Directions:
When a line of the records contains "ezdxf", copy it.

Given data:

......

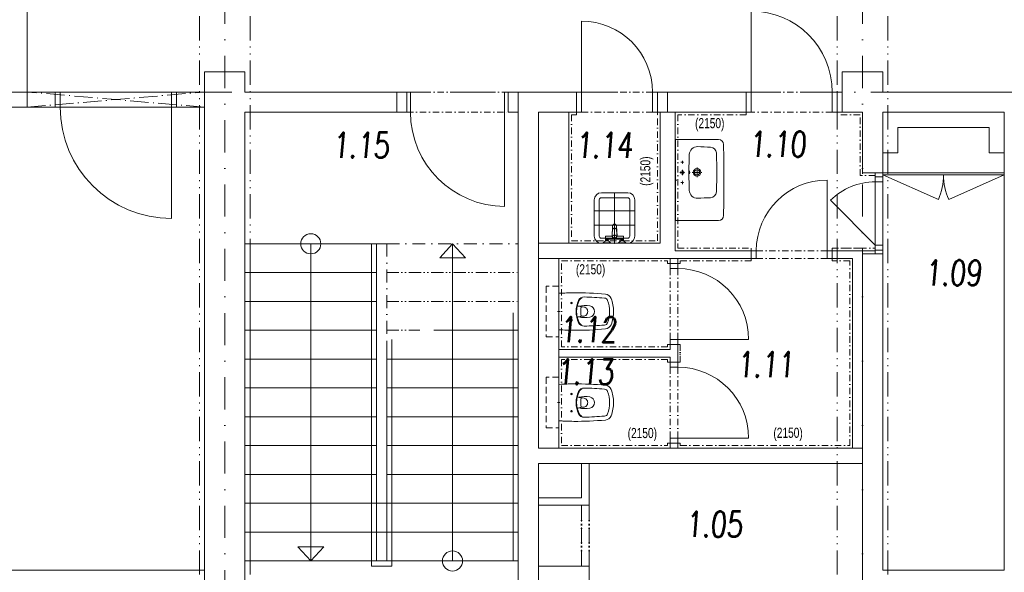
# Model space of a CAD drawing. Header units: millimetres. Extents: x 213386 to 459888, y 74252 to 208052.
# Tile 107 of 256: x 378002 to 387727, y 157385 to 162847. Entities that reach past the tile are written whole.
import ezdxf

# ---------------------------------------------------------------- set-up
doc = ezdxf.new("R2010")
doc.units = ezdxf.units.MM
for name, pattern in [('ACAD_ISO10W100', [18.5, 12, -3, 0.5, -3]), ('ACAD_ISO12W100', [22, 12, -3, 0.5, -3, 0.5, -3]), ('AM_DIN_G_W050', [13.75, 9.75, -1.5, 1, -1.5]), ('ČERCHOVANÁ', [25.4, 12.7, -6.35, 0, -6.35]), ('ČÁRKOVANÁ', [19.05, 12.7, -6.35])]:
    doc.linetypes.add(name, pattern=pattern)
for name, color, linetype, lineweight in [('DVERE', 255, 'Continuous', 0), ('NAD', 255, 'ACAD_ISO12W100', 0), ('NOVA', 255, 'Continuous', 0), ('NOVÁ TENKÁ', 255, 'Continuous', 0), ('NOVÁ TLUSTÁ', 255, 'Continuous', 0), ('OBKLAD', 255, 'ČERCHOVANÁ', 0), ('OSY', 255, 'Continuous', 0), ('POPIS2', 255, 'Continuous', 0), ('TENKA', 255, 'Continuous', 0), ('TLUSTA', 255, 'Continuous', 0), ('ZARIZOVAKY', 255, 'Continuous', 0), ('ŽB', 255, 'Continuous', 0)]:
    doc.layers.add(name, color=color, linetype=linetype, lineweight=lineweight)
doc.styles.add('CS-ROMANS', font='romans.shx', dxfattribs={"width": 0.75, "oblique": 5})
doc.styles.get("Standard").update_dxf_attribs({"font": 'arial.ttf'})

# ---------------------------------------------------------------- blocks, each defined once
blk = doc.blocks.new('232580d')
at = {"color": 4, "linetype": 'AM_DIN_G_W050', "ltscale": 2}
for p, q in [((0, 4.3), (0, -16.5)), ((-190.8, -70), (-159.2, -70)), ((-175, -54.2), (-175, -85.8)), ((-101.3, -70), (-48.6, -70)), ((-75, -43.7), (-75, -96.3)), ((40.8, -70), (9.2, -70)), ((25, -54.2), (25, -85.8)), ((-75, -167.3), (-75, -262.7)), ((-122.7, -215), (-27.3, -215))]:
    blk.add_line(p, q, dxfattribs=at)
blk.add_line((400, -3.2), (-400, -3.2))
blk.add_lwpolyline([(400, -3.2), (396, 0), (-396, 0), (-400, -3.2), (-400, -426.9, 0.409065), (-350.9, -476.9, 0.008803), (351.1, -476.9, 0.407938), (400, -426.9)], format="xyb", close=True)
for centre, radius in [((-75, -70), 17.5), ((-75, -215), 37.5), ((-75, -215), 26)]:
    blk.add_circle(centre, radius)
for centre, radius, start, end in [((-250, -218.9), 80, 91.29763, 182.0452), ((-82.1, -3801.4), 3666.4, 89.88838, 92.65318), ((-67.9, -3801.4), 3666.4, 87.34682, 90.11162), ((100.1, -218.9), 80, 357.9548, 88.70237), ((30178.6, 980.5), 30532.3, 182.25679, 182.49601), ((-30328.6, 980.5), 30532.3, 357.50399, 357.74321), ((-264.8, -345.9), 60, 183.11201, 267.06577), ((114.8, -345.9), 60, 272.93423, 356.88799), ((-92.5, 3211.6), 3621.6, 267.22453, 270.27422), ((-57.5, 3211.6), 3621.6, 269.72578, 272.77547)]:
    blk.add_arc(centre, radius, start, end)
blk.add_ellipse((-75, -141.1), major_axis=(-15, 0), ratio=0.099268)
blk = doc.blocks.new('255109d')
for p, q in [((-226, 139.9), (-226.6, 136.4)), ((-240.1, 45.8), (-218.7, 45.8)), ((-240.1, -45.6), (-218.8, -45.6)), ((-226, -139.9), (-226.6, -136.4))]:
    blk.add_line(p, q)
at = {"color": 4, "linetype": 'AM_DIN_G_W050', "ltscale": 2}
for p, q in [((-115.5, 85), (-134.5, 85)), ((-125, 94.5), (-125, 75.5)), ((-115.5, -85), (-134.5, -85)), ((-125, -94.5), (-125, -75.5)), ((14.7, 0), (-14.6, 0))]:
    blk.add_line(p, q, dxfattribs=at)
blk.add_lwpolyline([(0, 175.3, 0.396878), (-4.7, 180.3, 0.013004), (-147.1, 185, 0.025385), (-460.6, 171.9, 0.282342), (-516.9, 129.6, 0.101012), (-540, 0, 0.101012), (-516.9, -129.6, 0.282342), (-460.6, -171.9, 0.025385), (-147.1, -185, 0.013016), (-4.6, -180.3, 0.3898), (0, -175.3)], format="xyb", close=True)
for centre in [(-125, 85), (-125, -85)]:
    blk.add_circle(centre, 7.5)
for centre, radius, start, end in [((-210.5, 8.2), 289.7, 159.2403, 181.67765), ((-448.6, 98.5), 35, 94.53552, 159.23062), ((-102, -4356.5), 4503.4, 91.89075, 94.44906), ((-249, 84.5), 60, 25.39601, 91.50441), ((-223.7, 135.9), 3, 169.75994, 243.73999), ((-249, 84.5), 54.3, 25.39601, 63.73999), ((-427, 0), 251.3, 0, 25.39601), ((-427, 0), 257, 0, 25.39601), ((-210.5, -8.2), 289.7, 178.32235, 200.7597), ((-294.3, 0.2), 56.9, 102.11514, 180.20709), ((-294.3, -0.2), 56.9, 179.79291, 257.88486), ((-259.6, -216.4), 276.2, 76.7662, 99.71371), ((-240.1, 0.2), 45.6, 90, 180.20709), ((-240.1, -0.1), 45.6, 179.79291, 270), ((-210.2, 40.6), 10, 96.42531, 187.6248), ((-513.5, 0), 296.1, 0, 7.6248), ((-251.7, 409.2), 360.9, 276.42531, 279.56014), ((-193.4, 63.2), 10, 279.56014, 355.29393), ((-259.6, 216.4), 276.2, 260.28629, 283.19473), ((-210.2, -40.6), 10, 172.3752, 263.57469), ((-513.5, 0), 296.1, 352.3752, 0), ((-251.7, -409.2), 360.9, 80.43986, 83.57469), ((-427, 0), 251.3, 334.60399, 0), ((-427, 0), 257, 334.60399, 0), ((-193.4, -63.2), 10, 4.70607, 80.43986), ((-448.6, -98.5), 35, 200.76938, 265.46448), ((-102, 4356.5), 4503.4, 265.55094, 268.10925), ((-249, -84.5), 60, 268.49559, 334.60399), ((-223.7, -135.9), 3, 116.26001, 190.24006), ((-249, -84.5), 54.3, 296.26001, 334.60399)]:
    blk.add_arc(centre, radius, start, end)
blk = doc.blocks.new('vylevka')
for p, q in [((-430, 200), (-70, 200)), ((-320, 200), (-320, -200)), ((-180, 200), (-180, -200)), ((-500, -130), (-500, 130)), ((-450, -130), (-450, 130)), ((-430, 150), (-70, 150)), ((-50, 130), (-50, -130)), ((0, 130), (0, -130)), ((-500, 0), (0, 0)), ((-70, -150), (-430, -150)), ((-70, -200), (-430, -200))]:
    blk.add_line(p, q)
for centre, radius, start, end in [((-430, 130), 70, 90, 180), ((-70, 130), 70, 0, 90), ((-430, 130), 20, 90, 180), ((-70, 130), 20, 0, 90), ((-430, -130), 70, 180, 270), ((-430, -130), 20, 180, 270), ((-70, -130), 20, 270, 0), ((-70, -130), 70, 270, 0)]:
    blk.add_arc(centre, radius, start, end)
blk = doc.blocks.new('16__hcb01497_dwg')
for p, q in [((0, 184), (0, 189)), ((0, 189), (0, 184)), ((0, 189), (1.31857, 189)), ((0, 184), (21.3, 164)), ((0, 184), (21.3, 164)), ((0, 184), (1.31857, 184)), ((1.31857, 189), (4.76714, 189)), ((1.31857, 184), (4.76714, 184)), ((4.76714, 189), (10.4471, 189)), ((4.76714, 184), (10.4471, 184)), ((10.4471, 189), (17.8514, 189)), ((10.4471, 184), (17.8514, 184)), ((17.8514, 189), (26.3714, 189)), ((17.8514, 184), (26.3714, 184)), ((20.5, 149), (20.5, 144.04)), ((20.5, 149), (21.1, 149)), ((20.5, 144.04), (20.5, 149)), ((20.5, 144.04), (20.5, 139)), ((20.5, 139), (20.5, 144.04)), ((20.5, 139), (20.5, 133.96)), ((20.5, 133.96), (20.5, 139)), ((20.5, 129.32), (20.5, 133.96)), ((20.5, 133.96), (20.5, 129.32)), ((20.5, 125.24), (20.5, 129.32)), ((20.5, 129.32), (20.5, 125.24)), ((20.5, 122.12), (20.5, 125.24)), ((20.5, 125.24), (20.5, 122.12)), ((20.5, 120.2), (20.5, 122.12)), ((20.5, 122.12), (20.5, 120.2)), ((20.5, 119.48), (20.5, 120.2)), ((20.5, 120.2), (20.5, 119.48)), ((20.5, 119.48), (21.1, 119)), ((21.1, 149), (110.5, 149)), ((21.1, 149), (110.5, 149)), ((21.1, 119), (85.87269, 119)), ((21.1, 119), (85.87269, 119)), ((21.3, 164), (21.8071, 164)), ((21.8071, 164), (23.2271, 164)), ((22.3143, 161), (24.3429, 163)), ((22.3143, 159), (22.3143, 161)), ((22.3143, 161), (22.8214, 161)), ((22.3143, 161), (22.3143, 159)), ((22.3143, 156), (22.3143, 159)), ((22.3143, 159), (22.3143, 156)), ((22.3143, 156), (22.3143, 153)), ((22.3143, 153), (22.3143, 156)), ((22.3143, 151), (22.3143, 153)), ((22.3143, 153), (22.3143, 151)), ((22.3143, 151), (24.3429, 149)), ((22.3143, 151), (22.8214, 151)), ((22.8214, 161), (48.6857, 161)), ((22.8214, 151), (48.6857, 151)), ((23.2271, 164), (25.4586, 164)), ((23.2271, 164), (24.3429, 164)), ((24.3429, 163), (24.3429, 164)), ((24.3429, 164), (24.7486, 164)), ((24.3429, 164), (24.3429, 163)), ((24.3429, 163), (24.7486, 163)), ((24.7486, 164), (25.8643, 164)), ((24.7486, 163), (25.8643, 163)), ((25.4586, 164), (28.4, 164)), ((25.8643, 164), (27.5886, 164)), ((25.8643, 163), (27.5886, 163)), ((26.3714, 189), (35.5, 189)), ((26.3714, 184), (35.5, 184)), ((27.5886, 164), (29.9214, 164)), ((27.5886, 163), (29.9214, 163)), ((28.4, 164), (31.8486, 164)), ((29.9214, 164), (32.66, 164)), ((29.9214, 163), (32.66, 163)), ((31.8486, 164), (35.5, 164)), ((32.66, 164), (35.5, 164)), ((32.66, 163), (35.5, 163)), ((35.5, 189), (44.6286, 189)), ((35.5, 184), (44.6286, 184)), ((35.5, 164), (38.34, 164)), ((35.5, 164), (39.1514, 164)), ((35.5, 163), (38.34, 163)), ((38.34, 164), (41.0786, 164)), ((38.34, 163), (41.0786, 163)), ((39.1514, 164), (42.6, 164)), ((41.0786, 164), (43.4114, 164)), ((41.0786, 163), (43.4114, 163)), ((42.6, 164), (45.5414, 164)), ((43.4114, 164), (45.1357, 164)), ((43.4114, 163), (45.1357, 163)), ((44.6286, 189), (53.1486, 189)), ((44.6286, 184), (53.1486, 184)), ((45.1357, 164), (46.2514, 164)), ((45.1357, 163), (46.2514, 163)), ((45.5414, 164), (47.7729, 164)), ((46.2514, 164), (46.6571, 164)), ((46.2514, 163), (46.6571, 163)), ((46.6571, 163), (46.6571, 164)), ((46.6571, 164), (46.6571, 163)), ((46.6571, 164), (47.7729, 164)), ((46.6571, 163), (48.6857, 161)), ((46.6571, 149), (48.6857, 151)), ((47.7729, 164), (49.1929, 164)), ((48.6857, 161), (48.6857, 156)), ((48.6857, 156), (48.6857, 161)), ((48.6857, 156), (48.6857, 153)), ((48.6857, 153), (48.6857, 156)), ((48.6857, 151), (48.6857, 153)), ((48.6857, 153), (48.6857, 151)), ((49.1929, 164), (49.7, 164)), ((49.7, 164), (71, 184)), ((53.1486, 189), (60.5529, 189)), ((53.1486, 184), (60.5529, 184)), ((60.5529, 189), (66.2329, 189)), ((60.5529, 184), (66.2329, 184)), ((66.2329, 189), (69.6814, 189)), ((66.2329, 184), (69.6814, 184)), ((69.6814, 189), (71, 189)), ((69.6814, 184), (71, 184)), ((71, 184), (71, 189)), ((71, 189), (71, 184)), ((85.87269, 119), (91.5, 18.7113)), ((87.9436, 113.874), (88.1487, 116.693)), ((87.9436, 113.874), (88.0295, 109.714)), ((88.0295, 109.714), (88.1356, 106.059)), ((88.1356, 106.059), (88.3031, 101.859)), ((88.1487, 116.693), (88.764, 123.713)), ((88.1487, 116.693), (88.7639, 119.416)), ((88.3031, 101.859), (88.4913, 97.5607)), ((88.4913, 97.5607), (88.66662, 94.41746)), ((88.7639, 119.416), (89.6866, 122.041)), ((88.764, 123.713), (89.292, 126.814)), ((88.764, 123.713), (89.292, 126.814)), ((89.292, 126.814), (91.404, 132.014)), ((89.6866, 122.041), (90.917, 124.569)), ((90.26, 128.77), (91.404, 131.123)), ((90.917, 124.569), (92.66, 126.902)), ((91.404, 132.014), (94.924, 136.607)), ((91.404, 131.123), (93.076, 133.418)), ((92.66, 126.902), (94.608, 128.944)), ((93.076, 133.418), (95.012, 135.367)), ((94.608, 128.944), (96.7611, 130.792)), ((94.924, 136.607), (99.588, 140.074)), ((95.012, 135.367), (97.124, 137.187)), ((96.7611, 130.792), (99.2218, 132.444)), ((97.124, 137.187), (99.588, 138.695)), ((98.1542, 110.929), (98.1902, 111.185)), ((98.1542, 110.929), (98.1902, 110.673)), ((98.1902, 111.185), (98.2862, 111.425)), ((98.1902, 110.673), (98.2862, 110.433)), ((98.2862, 111.425), (98.4462, 111.637)), ((98.2862, 110.433), (98.4462, 110.221)), ((98.4462, 111.637), (98.6582, 111.797)), ((98.4462, 110.221), (98.6582, 110.061)), ((98.6582, 111.797), (98.8982, 111.893)), ((98.6582, 110.061), (98.8982, 109.965)), ((98.8982, 111.893), (99.1542, 111.929)), ((98.8982, 109.965), (99.1542, 109.929)), ((99.1542, 111.929), (99.4102, 111.893)), ((99.1542, 109.929), (99.4102, 109.965)), ((99.2218, 132.444), (101.888, 133.611)), ((99.4102, 111.893), (99.6502, 111.797)), ((99.4102, 109.965), (99.6502, 110.061)), ((99.588, 140.074), (104.868, 142.153)), ((99.588, 138.695), (102.14, 139.743)), ((99.6502, 111.797), (99.8622, 111.637)), ((99.6502, 110.061), (99.8622, 110.221)), ((99.8622, 111.637), (100.0222, 111.425)), ((99.8622, 110.221), (100.0222, 110.433)), ((100.0222, 111.425), (100.1182, 111.185)), ((100.0222, 110.433), (100.1182, 110.673)), ((100.1182, 111.185), (100.1542, 110.929)), ((100.1182, 110.673), (100.1542, 110.929)), ((101.888, 133.611), (104.656, 134.486)), ((102.14, 139.743), (104.868, 140.626)), ((104.656, 134.486), (107.527, 135.07)), ((104.868, 142.153), (110.5, 142.933)), ((104.868, 140.626), (107.596, 141.14)), ((107.527, 135.07), (110.5, 135.264)), ((107.596, 141.14), (110.5, 141.361)), ((199.9, 149), (110.5, 149)), ((199.9, 149), (110.5, 149)), ((116.132, 142.153), (110.5, 142.933)), ((113.404, 141.14), (110.5, 141.361)), ((113.473, 135.07), (110.5, 135.264)), ((116.132, 140.626), (113.404, 141.14)), ((116.344, 134.486), (113.473, 135.07)), ((121.412, 140.074), (116.132, 142.153)), ((118.86, 139.743), (116.132, 140.626)), ((119.112, 133.611), (116.344, 134.486)), ((121.412, 138.695), (118.86, 139.743)), ((121.7782, 132.444), (119.112, 133.611)), ((120.8818, 111.185), (120.8458, 110.929)), ((120.8818, 110.673), (120.8458, 110.929)), ((120.9778, 111.425), (120.8818, 111.185)), ((120.9778, 110.433), (120.8818, 110.673)), ((121.1378, 111.637), (120.9778, 111.425)), ((121.1378, 110.221), (120.9778, 110.433)), ((121.3498, 111.797), (121.1378, 111.637)), ((121.3498, 110.061), (121.1378, 110.221)), ((121.5898, 111.893), (121.3498, 111.797)), ((121.5898, 109.965), (121.3498, 110.061)), ((126.076, 136.607), (121.412, 140.074)), ((123.876, 137.187), (121.412, 138.695)), ((121.8458, 111.929), (121.5898, 111.893)), ((121.8458, 109.929), (121.5898, 109.965)), ((124.2389, 130.792), (121.7782, 132.444)), ((122.1018, 111.893), (121.8458, 111.929)), ((122.1018, 109.965), (121.8458, 109.929)), ((122.3418, 111.797), (122.1018, 111.893)), ((122.3418, 110.061), (122.1018, 109.965)), ((122.5538, 111.637), (122.3418, 111.797)), ((122.5538, 110.221), (122.3418, 110.061)), ((122.7138, 111.425), (122.5538, 111.637)), ((122.7138, 110.433), (122.5538, 110.221)), ((122.8098, 111.185), (122.7138, 111.425)), ((122.8098, 110.673), (122.7138, 110.433)), ((122.8458, 110.929), (122.8098, 111.185)), ((122.8458, 110.929), (122.8098, 110.673)), ((125.988, 135.367), (123.876, 137.187)), ((126.392, 128.944), (124.2389, 130.792)), ((127.924, 133.418), (125.988, 135.367)), ((129.596, 132.014), (126.076, 136.607)), ((128.34, 126.902), (126.392, 128.944)), ((129.596, 131.123), (127.924, 133.418)), ((130.083, 124.569), (128.34, 126.902)), ((135.12731, 119), (129.5, 18.7113)), ((131.708, 126.814), (129.596, 132.014)), ((130.74, 128.77), (129.596, 131.123)), ((131.3134, 122.041), (130.083, 124.569)), ((132.2361, 119.416), (131.3134, 122.041)), ((132.236, 123.713), (131.708, 126.814)), ((132.236, 123.713), (131.708, 126.814)), ((132.8513, 116.693), (132.236, 123.713)), ((132.8513, 116.693), (132.2361, 119.416)), ((132.5087, 97.5607), (132.33338, 94.41746)), ((132.6969, 101.859), (132.5087, 97.5607)), ((132.8644, 106.059), (132.6969, 101.859)), ((133.0564, 113.874), (132.8513, 116.693)), ((132.9705, 109.714), (132.8644, 106.059)), ((133.0564, 113.874), (132.9705, 109.714)), ((199.9, 119), (135.12731, 119)), ((199.9, 119), (135.12731, 119)), ((150, 189), (150, 184)), ((150, 184), (150, 189)), ((151.3186, 189), (150, 189)), ((171.3, 164), (150, 184)), ((151.3186, 184), (150, 184)), ((154.7671, 189), (151.3186, 189)), ((154.7671, 184), (151.3186, 184)), ((160.4471, 189), (154.7671, 189)), ((160.4471, 184), (154.7671, 184)), ((167.8514, 189), (160.4471, 189)), ((167.8514, 184), (160.4471, 184)), ((176.3714, 189), (167.8514, 189)), ((176.3714, 184), (167.8514, 184)), ((171.8071, 164), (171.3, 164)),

......

Reply to the task:
import ezdxf
doc = ezdxf.new("R2010")
doc.units = ezdxf.units.MM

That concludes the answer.